■ Task prompt
The entries below must be repeated exactly. None may be skipped.

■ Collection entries
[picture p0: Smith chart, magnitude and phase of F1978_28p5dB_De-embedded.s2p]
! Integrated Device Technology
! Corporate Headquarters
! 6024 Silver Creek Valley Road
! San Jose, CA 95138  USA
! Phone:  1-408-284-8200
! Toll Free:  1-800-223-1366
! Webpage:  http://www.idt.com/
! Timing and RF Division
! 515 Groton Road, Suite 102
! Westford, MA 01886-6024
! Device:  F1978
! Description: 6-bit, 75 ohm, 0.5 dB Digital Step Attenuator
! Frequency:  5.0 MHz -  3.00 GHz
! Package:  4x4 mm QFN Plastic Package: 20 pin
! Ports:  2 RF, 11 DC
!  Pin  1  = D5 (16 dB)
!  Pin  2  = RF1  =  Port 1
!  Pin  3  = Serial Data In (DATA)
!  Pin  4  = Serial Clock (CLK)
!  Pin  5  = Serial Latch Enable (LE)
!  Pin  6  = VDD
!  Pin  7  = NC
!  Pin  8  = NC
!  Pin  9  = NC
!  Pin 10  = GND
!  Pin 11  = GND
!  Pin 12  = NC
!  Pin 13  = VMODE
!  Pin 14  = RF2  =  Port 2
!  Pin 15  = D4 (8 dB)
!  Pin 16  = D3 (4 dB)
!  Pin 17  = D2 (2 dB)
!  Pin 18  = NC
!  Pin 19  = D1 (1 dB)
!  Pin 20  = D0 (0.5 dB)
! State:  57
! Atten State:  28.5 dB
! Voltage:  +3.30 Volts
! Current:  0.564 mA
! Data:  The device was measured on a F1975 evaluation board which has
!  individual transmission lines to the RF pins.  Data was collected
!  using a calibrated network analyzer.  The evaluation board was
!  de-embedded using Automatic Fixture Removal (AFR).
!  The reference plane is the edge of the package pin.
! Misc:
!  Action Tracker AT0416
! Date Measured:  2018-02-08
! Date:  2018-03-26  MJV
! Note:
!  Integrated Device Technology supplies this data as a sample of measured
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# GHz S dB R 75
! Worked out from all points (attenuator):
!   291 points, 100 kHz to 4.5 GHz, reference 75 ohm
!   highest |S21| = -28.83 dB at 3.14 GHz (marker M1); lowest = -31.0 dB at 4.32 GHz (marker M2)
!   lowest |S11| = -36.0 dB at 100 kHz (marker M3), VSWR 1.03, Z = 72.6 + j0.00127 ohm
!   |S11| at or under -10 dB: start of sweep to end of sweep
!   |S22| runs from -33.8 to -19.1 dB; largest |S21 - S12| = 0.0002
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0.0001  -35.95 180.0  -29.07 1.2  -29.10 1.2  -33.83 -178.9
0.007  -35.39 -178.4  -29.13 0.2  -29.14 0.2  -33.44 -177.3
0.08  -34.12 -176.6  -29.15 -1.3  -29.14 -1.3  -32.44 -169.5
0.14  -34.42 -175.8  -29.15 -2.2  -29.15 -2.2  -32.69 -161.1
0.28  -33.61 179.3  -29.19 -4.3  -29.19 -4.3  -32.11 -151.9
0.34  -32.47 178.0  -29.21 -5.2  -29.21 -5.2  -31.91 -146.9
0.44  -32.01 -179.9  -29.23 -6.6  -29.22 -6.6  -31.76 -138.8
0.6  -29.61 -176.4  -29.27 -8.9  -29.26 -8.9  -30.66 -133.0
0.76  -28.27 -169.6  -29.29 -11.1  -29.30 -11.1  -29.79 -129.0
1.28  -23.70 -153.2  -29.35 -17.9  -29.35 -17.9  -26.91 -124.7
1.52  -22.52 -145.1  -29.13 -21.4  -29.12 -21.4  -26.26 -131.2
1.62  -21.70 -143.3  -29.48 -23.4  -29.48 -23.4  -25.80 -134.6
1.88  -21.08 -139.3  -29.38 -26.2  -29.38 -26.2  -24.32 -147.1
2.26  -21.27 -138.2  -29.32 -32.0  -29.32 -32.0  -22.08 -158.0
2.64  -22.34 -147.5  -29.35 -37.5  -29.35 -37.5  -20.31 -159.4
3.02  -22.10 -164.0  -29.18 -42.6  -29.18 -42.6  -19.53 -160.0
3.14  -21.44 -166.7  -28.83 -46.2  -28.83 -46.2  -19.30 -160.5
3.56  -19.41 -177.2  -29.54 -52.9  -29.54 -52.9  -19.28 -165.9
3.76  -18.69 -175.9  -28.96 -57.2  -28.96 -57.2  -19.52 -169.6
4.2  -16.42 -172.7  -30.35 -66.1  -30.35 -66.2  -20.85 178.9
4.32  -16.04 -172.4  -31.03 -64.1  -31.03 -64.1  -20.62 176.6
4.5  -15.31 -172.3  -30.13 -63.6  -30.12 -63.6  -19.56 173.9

■ Answer box
[picture p0: Smith chart, magnitude and phase of F1978_28p5dB_De-embedded.s2p]
! Integrated Device Technology
! Corporate Headquarters
! 6024 Silver Creek Valley Road
! San Jose, CA 95138  USA
! Phone:  1-408-284-8200
! Toll Free:  1-800-223-1366
! Webpage:  http://www.idt.com/
! Timing and RF Division
! 515 Groton Road, Suite 102
! Westford, MA 01886-6024
! Device:  F1978
! Description: 6-bit, 75 ohm, 0.5 dB Digital Step Attenuator
! Frequency:  5.0 MHz -  3.00 GHz
! Package:  4x4 mm QFN Plastic Package: 20 pin
! Ports:  2 RF, 11 DC
!  Pin  1  = D5 (16 dB)
!  Pin  2  = RF1  =  Port 1
!  Pin  3  = Serial Data In (DATA)
!  Pin  4  = Serial Clock (CLK)
!  Pin  5  = Serial Latch Enable (LE)
!  Pin  6  = VDD
!  Pin  7  = NC
!  Pin  8  = NC
!  Pin  9  = NC
!  Pin 10  = GND
!  Pin 11  = GND
!  Pin 12  = NC
!  Pin 13  = VMODE
!  Pin 14  = RF2  =  Port 2
!  Pin 15  = D4 (8 dB)
!  Pin 16  = D3 (4 dB)
!  Pin 17  = D2 (2 dB)
!  Pin 18  = NC
!  Pin 19  = D1 (1 dB)
!  Pin 20  = D0 (0.5 dB)
! State:  57
! Atten State:  28.5 dB
! Voltage:  +3.30 Volts
! Current:  0.564 mA
! Data:  The device was measured on a F1975 evaluation board which has
!  individual transmission lines to the RF pins.  Data was collected
!  using a calibrated network analyzer.  The evaluation board was
!  de-embedded using Automatic Fixture Removal (AFR).
!  The reference plane is the edge of the package pin.
! Misc:
!  Action Tracker AT0416
! Date Measured:  2018-02-08
! Date:  2018-03-26  MJV
! Note:
!  Integrated Device Technology supplies this data as a sample of measured
# GHz S dB R 75
! Worked out from all points (attenuator):
!   291 points, 100 kHz to 4.5 GHz, reference 75 ohm
!   highest |S21| = -28.83 dB at 3.14 GHz (marker M1); lowest = -31.0 dB at 4.32 GHz (marker M2)
!   lowest |S11| = -36.0 dB at 100 kHz (marker M3), VSWR 1.03, Z = 72.6 + j0.00127 ohm
!   |S11| at or under -10 dB: start of sweep to end of sweep
!   |S22| runs from -33.8 to -19.1 dB; largest |S21 - S12| = 0.0002
0.0001  -35.95 180.0  -29.07 1.2  -29.10 1.2  -33.83 -178.9
0.007  -35.39 -178.4  -29.13 0.2  -29.14 0.2  -33.44 -177.3
0.08  -34.12 -176.6  -29.15 -1.3  -29.14 -1.3  -32.44 -169.5
0.14  -34.42 -175.8  -29.15 -2.2  -29.15 -2.2  -32.69 -161.1
0.28  -33.61 179.3  -29.19 -4.3  -29.19 -4.3  -32.11 -151.9
0.34  -32.47 178.0  -29.21 -5.2  -29.21 -5.2  -31.91 -146.9
0.44  -32.01 -179.9  -29.23 -6.6  -29.22 -6.6  -31.76 -138.8
0.6  -29.61 -176.4  -29.27 -8.9  -29.26 -8.9  -30.66 -133.0
0.76  -28.27 -169.6  -29.29 -11.1  -29.30 -11.1  -29.79 -129.0
1.28  -23.70 -153.2  -29.35 -17.9  -29.35 -17.9  -26.91 -124.7
1.52  -22.52 -145.1  -29.13 -21.4  -29.12 -21.4  -26.26 -131.2
1.62  -21.70 -143.3  -29.48 -23.4  -29.48 -23.4  -25.80 -134.6
1.88  -21.08 -139.3  -29.38 -26.2  -29.38 -26.2  -24.32 -147.1
2.26  -21.27 -138.2  -29.32 -32.0  -29.32 -32.0  -22.08 -158.0
2.64  -22.34 -147.5  -29.35 -37.5  -29.35 -37.5  -20.31 -159.4
3.02  -22.10 -164.0  -29.18 -42.6  -29.18 -42.6  -19.53 -160.0
3.14  -21.44 -166.7  -28.83 -46.2  -28.83 -46.2  -19.30 -160.5
3.56  -19.41 -177.2  -29.54 -52.9  -29.54 -52.9  -19.28 -165.9
3.76  -18.69 -175.9  -28.96 -57.2  -28.96 -57.2  -19.52 -169.6
4.2  -16.42 -172.7  -30.35 -66.1  -30.35 -66.2  -20.85 178.9
4.32  -16.04 -172.4  -31.03 -64.1  -31.03 -64.1  -20.62 176.6
4.5  -15.31 -172.3  -30.13 -63.6  -30.12 -63.6  -19.56 173.9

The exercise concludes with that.